WHAT YOU NEED TO DO ::
Each line in the entries below that contains the word "EWAKUACYJNE" counts once. Report how many there are and nothing more.

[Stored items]
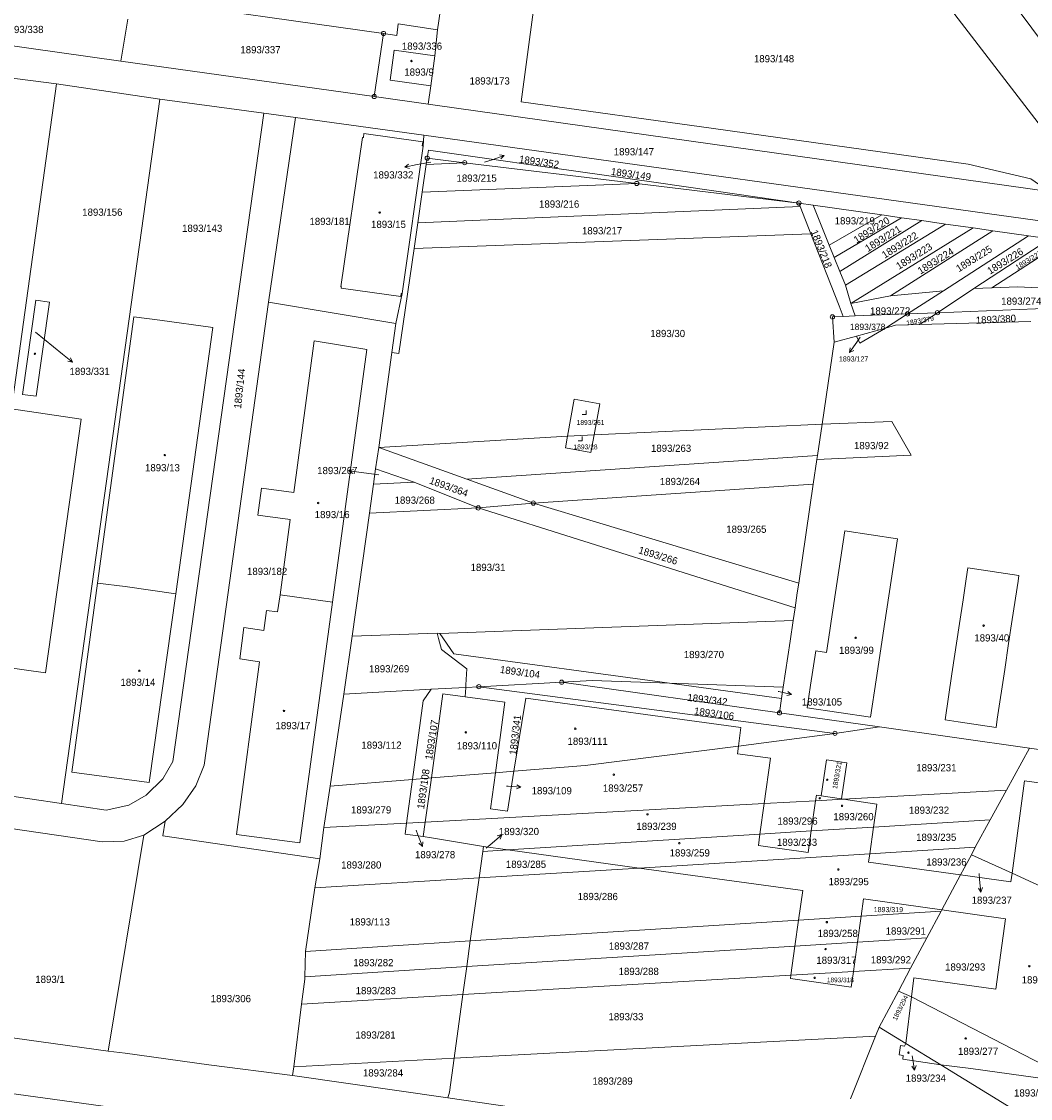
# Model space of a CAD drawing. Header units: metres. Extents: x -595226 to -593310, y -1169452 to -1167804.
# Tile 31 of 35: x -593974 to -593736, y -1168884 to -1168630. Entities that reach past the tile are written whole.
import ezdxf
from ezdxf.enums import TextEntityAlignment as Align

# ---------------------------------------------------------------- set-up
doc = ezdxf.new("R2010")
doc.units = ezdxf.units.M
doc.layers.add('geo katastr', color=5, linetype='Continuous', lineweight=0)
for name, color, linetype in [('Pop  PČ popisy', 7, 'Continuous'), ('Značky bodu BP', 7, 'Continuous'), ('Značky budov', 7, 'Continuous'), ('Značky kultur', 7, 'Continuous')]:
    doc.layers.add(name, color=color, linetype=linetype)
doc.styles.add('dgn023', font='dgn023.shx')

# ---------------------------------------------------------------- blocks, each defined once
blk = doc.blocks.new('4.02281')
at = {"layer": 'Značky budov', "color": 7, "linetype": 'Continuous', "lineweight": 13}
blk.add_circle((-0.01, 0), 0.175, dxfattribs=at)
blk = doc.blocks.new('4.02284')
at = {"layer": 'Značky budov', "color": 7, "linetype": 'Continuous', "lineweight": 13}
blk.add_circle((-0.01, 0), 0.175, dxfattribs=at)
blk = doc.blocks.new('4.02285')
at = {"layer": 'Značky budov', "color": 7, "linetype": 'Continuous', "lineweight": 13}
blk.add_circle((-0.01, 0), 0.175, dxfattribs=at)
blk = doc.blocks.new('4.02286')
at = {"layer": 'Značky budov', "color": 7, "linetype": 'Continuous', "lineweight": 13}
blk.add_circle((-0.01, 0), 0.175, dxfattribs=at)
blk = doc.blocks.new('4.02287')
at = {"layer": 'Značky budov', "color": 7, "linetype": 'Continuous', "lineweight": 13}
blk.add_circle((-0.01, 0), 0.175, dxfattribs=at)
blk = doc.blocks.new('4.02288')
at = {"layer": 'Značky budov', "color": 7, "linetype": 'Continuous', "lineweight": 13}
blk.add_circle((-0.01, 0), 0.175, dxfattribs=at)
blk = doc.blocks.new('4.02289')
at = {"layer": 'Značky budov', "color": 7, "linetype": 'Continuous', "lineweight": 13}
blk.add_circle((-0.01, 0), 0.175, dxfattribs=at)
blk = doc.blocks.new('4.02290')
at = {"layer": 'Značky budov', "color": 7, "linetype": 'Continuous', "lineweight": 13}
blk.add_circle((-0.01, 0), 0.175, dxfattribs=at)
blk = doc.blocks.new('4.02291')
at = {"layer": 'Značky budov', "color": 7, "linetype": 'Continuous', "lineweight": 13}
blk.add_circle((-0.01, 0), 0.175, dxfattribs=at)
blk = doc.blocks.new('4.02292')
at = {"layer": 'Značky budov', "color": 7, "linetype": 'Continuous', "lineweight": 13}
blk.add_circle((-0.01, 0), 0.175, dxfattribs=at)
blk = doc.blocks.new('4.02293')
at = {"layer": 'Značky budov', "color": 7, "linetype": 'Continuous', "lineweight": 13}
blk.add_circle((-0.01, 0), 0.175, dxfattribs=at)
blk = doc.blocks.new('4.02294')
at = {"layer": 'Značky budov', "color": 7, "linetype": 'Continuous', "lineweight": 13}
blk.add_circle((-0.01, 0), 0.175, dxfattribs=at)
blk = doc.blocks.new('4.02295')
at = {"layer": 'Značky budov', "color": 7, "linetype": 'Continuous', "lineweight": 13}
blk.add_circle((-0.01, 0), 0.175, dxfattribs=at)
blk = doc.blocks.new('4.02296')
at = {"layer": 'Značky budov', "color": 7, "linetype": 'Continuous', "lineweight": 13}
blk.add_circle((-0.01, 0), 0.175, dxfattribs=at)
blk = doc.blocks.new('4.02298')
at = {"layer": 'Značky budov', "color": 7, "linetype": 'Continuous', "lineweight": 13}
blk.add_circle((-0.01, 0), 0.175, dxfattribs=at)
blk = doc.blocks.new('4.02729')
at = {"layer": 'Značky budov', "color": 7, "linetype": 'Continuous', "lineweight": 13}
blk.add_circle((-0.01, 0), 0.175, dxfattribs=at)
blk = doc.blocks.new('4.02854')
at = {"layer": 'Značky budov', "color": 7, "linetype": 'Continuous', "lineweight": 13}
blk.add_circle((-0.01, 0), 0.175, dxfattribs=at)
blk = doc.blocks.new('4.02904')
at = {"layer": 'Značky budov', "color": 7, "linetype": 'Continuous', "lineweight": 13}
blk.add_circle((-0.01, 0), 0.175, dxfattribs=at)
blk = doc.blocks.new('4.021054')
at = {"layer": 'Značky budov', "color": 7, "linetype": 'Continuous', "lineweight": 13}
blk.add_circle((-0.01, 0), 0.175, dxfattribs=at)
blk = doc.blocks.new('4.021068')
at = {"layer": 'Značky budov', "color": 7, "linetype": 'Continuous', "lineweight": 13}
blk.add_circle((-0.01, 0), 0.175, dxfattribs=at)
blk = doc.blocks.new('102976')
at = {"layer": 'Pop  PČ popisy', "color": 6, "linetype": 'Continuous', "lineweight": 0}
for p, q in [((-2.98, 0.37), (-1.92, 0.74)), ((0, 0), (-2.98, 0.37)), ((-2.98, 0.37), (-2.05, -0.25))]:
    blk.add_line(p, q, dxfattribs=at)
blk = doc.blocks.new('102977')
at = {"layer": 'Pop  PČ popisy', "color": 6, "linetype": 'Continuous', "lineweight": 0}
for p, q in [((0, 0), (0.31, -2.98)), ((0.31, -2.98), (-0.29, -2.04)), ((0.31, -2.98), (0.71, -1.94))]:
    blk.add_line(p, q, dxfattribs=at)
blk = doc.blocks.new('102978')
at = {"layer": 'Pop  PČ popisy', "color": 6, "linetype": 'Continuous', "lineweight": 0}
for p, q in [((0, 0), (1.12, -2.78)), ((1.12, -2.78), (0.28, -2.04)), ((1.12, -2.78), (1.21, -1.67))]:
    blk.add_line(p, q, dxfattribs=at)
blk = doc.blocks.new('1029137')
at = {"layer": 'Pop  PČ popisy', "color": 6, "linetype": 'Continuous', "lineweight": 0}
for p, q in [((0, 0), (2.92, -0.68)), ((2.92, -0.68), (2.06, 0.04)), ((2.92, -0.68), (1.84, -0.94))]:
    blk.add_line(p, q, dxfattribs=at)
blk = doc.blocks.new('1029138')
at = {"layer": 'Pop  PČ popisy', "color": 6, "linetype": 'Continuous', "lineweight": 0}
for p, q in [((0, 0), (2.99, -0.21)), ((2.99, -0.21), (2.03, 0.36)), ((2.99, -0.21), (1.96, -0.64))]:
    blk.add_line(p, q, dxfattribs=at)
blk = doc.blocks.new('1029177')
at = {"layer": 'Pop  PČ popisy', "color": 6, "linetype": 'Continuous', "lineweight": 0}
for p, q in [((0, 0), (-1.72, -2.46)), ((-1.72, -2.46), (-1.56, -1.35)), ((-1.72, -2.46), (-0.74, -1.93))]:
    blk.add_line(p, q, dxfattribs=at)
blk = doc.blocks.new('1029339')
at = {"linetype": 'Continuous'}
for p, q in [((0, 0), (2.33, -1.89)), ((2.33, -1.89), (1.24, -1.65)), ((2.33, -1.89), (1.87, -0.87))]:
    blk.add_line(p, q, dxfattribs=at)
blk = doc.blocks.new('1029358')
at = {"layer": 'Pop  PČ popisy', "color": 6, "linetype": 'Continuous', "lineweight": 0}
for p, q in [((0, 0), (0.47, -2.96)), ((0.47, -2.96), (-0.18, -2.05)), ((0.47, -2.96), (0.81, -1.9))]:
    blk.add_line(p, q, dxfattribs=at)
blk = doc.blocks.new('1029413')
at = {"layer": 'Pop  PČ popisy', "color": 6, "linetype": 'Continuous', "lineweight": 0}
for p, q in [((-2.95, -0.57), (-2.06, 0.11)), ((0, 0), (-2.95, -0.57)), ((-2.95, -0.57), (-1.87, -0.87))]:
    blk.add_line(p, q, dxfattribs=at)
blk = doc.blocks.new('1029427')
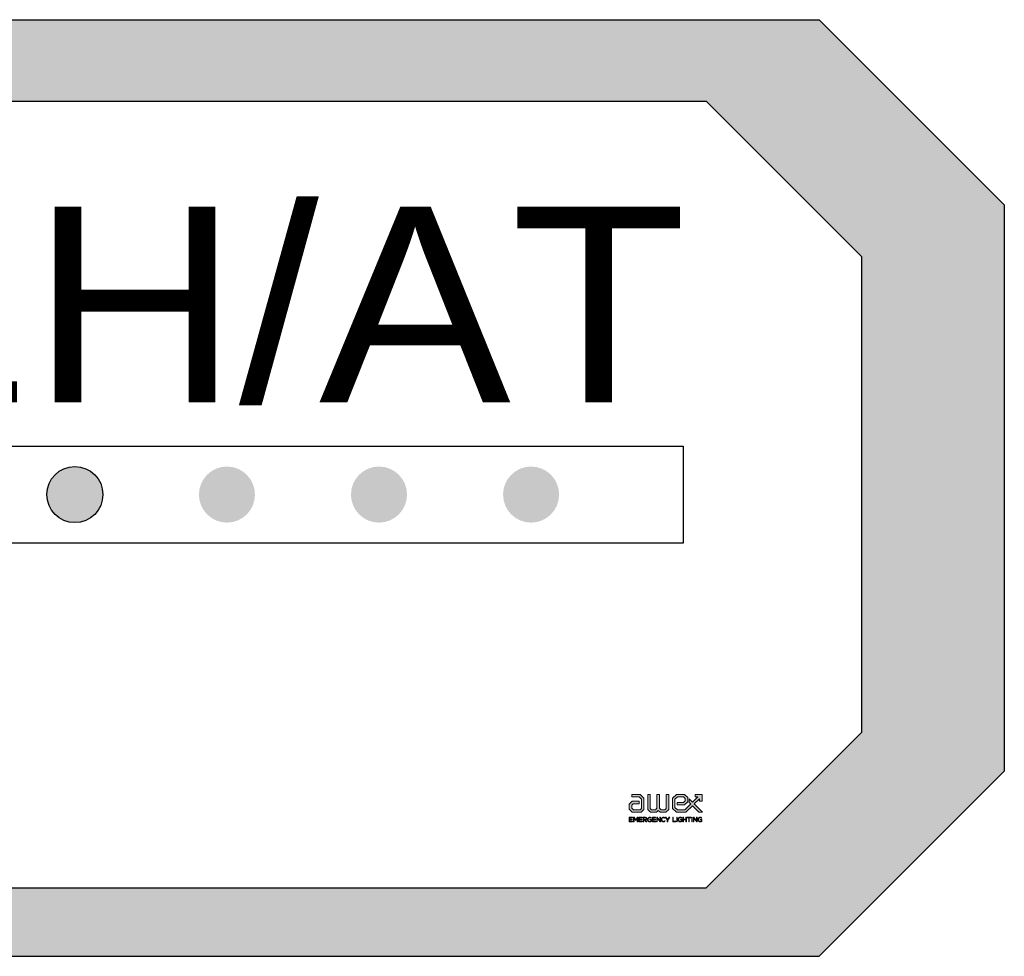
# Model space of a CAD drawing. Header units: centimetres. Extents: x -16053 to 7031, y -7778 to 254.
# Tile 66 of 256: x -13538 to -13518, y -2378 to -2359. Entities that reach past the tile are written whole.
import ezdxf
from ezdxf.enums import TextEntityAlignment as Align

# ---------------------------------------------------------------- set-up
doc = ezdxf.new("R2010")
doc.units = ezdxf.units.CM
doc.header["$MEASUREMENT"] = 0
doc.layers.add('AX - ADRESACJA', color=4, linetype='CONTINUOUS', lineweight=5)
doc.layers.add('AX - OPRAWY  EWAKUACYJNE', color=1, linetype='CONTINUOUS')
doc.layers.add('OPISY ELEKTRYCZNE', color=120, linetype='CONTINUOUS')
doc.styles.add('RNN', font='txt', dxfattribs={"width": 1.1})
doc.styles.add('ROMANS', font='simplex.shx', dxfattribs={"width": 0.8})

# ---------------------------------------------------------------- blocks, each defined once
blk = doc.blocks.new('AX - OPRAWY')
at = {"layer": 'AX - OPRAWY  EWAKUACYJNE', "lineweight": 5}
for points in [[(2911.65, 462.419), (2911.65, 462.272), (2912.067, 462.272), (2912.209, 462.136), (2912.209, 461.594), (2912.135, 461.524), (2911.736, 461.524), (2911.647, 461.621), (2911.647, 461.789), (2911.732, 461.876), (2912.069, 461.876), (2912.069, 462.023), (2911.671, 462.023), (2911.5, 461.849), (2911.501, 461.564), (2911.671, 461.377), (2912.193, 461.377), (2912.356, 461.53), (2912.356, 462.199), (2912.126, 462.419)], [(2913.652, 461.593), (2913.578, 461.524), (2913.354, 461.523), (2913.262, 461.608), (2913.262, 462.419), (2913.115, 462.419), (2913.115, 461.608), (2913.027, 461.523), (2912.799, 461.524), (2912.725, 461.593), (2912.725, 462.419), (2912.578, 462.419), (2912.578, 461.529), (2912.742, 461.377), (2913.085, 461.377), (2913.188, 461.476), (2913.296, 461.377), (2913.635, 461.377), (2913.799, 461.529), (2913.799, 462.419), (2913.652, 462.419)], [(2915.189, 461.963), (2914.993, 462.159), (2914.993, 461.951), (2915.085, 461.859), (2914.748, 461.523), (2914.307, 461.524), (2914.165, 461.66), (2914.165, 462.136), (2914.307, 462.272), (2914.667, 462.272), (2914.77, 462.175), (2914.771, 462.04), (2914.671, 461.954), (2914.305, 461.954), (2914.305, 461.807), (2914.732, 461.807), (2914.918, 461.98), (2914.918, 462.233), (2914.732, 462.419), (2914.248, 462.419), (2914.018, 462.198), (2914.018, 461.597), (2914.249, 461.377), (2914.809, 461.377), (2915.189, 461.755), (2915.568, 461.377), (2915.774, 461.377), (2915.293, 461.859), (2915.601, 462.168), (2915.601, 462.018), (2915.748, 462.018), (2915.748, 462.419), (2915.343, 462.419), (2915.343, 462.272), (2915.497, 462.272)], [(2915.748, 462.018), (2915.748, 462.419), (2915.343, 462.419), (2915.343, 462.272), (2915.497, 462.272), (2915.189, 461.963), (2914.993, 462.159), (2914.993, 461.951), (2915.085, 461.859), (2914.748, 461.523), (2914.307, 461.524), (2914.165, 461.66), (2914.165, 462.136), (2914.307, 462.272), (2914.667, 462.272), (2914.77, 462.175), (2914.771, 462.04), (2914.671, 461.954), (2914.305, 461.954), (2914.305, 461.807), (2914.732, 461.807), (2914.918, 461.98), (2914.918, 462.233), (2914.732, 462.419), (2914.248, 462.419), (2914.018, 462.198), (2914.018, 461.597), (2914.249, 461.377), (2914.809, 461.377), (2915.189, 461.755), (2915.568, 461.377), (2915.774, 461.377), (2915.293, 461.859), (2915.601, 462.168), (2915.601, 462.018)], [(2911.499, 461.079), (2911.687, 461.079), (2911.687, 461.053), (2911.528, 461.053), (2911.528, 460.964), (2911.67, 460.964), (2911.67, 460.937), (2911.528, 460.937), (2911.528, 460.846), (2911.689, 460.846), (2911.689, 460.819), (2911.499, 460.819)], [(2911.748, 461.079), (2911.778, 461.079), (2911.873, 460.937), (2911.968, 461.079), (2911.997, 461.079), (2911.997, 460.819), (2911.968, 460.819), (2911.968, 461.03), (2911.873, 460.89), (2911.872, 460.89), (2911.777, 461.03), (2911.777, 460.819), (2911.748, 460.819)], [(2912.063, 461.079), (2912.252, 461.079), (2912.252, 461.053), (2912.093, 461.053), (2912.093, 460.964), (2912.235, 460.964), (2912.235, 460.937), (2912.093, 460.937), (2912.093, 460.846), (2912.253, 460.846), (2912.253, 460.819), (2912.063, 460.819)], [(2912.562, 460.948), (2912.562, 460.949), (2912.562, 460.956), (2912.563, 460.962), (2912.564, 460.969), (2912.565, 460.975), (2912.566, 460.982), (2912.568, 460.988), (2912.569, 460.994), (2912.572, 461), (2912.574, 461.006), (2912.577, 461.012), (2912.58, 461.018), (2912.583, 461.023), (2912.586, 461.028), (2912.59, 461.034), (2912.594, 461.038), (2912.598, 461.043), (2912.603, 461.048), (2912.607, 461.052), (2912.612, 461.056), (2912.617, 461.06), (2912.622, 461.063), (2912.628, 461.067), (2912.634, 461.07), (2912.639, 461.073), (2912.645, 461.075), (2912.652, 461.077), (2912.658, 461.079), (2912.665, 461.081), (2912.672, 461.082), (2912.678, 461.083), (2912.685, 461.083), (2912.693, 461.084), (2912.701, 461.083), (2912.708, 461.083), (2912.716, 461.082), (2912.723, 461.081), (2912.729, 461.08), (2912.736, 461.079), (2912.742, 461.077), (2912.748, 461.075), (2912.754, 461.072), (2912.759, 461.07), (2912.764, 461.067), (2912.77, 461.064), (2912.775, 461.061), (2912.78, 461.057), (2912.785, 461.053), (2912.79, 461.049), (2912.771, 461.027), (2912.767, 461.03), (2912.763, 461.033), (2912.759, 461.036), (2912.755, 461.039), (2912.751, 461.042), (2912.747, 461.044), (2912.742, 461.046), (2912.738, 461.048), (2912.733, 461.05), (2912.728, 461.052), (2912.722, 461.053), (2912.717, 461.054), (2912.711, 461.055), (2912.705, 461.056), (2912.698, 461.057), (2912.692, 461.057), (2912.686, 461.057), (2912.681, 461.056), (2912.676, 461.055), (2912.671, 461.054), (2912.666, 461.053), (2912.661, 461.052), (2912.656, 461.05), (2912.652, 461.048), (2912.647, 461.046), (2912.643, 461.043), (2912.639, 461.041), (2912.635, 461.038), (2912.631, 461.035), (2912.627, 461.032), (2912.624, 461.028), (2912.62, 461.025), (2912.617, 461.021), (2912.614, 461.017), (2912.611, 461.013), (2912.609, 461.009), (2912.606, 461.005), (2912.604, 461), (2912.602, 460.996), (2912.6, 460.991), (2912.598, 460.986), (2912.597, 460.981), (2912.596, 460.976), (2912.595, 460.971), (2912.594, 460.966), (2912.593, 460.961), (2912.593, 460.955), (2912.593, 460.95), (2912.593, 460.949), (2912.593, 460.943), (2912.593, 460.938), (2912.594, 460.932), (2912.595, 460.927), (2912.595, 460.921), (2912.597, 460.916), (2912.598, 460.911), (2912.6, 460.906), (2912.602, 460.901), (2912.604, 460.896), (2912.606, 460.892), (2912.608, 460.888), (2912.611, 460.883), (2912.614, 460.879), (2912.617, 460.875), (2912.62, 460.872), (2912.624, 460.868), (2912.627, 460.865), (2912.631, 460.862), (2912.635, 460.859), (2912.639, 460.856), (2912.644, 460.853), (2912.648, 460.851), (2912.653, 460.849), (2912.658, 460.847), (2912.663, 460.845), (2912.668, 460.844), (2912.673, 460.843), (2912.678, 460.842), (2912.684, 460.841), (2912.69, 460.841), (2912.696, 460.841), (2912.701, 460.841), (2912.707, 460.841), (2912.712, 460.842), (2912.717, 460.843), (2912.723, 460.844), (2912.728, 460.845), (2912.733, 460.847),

ANSWER SECTION ::
2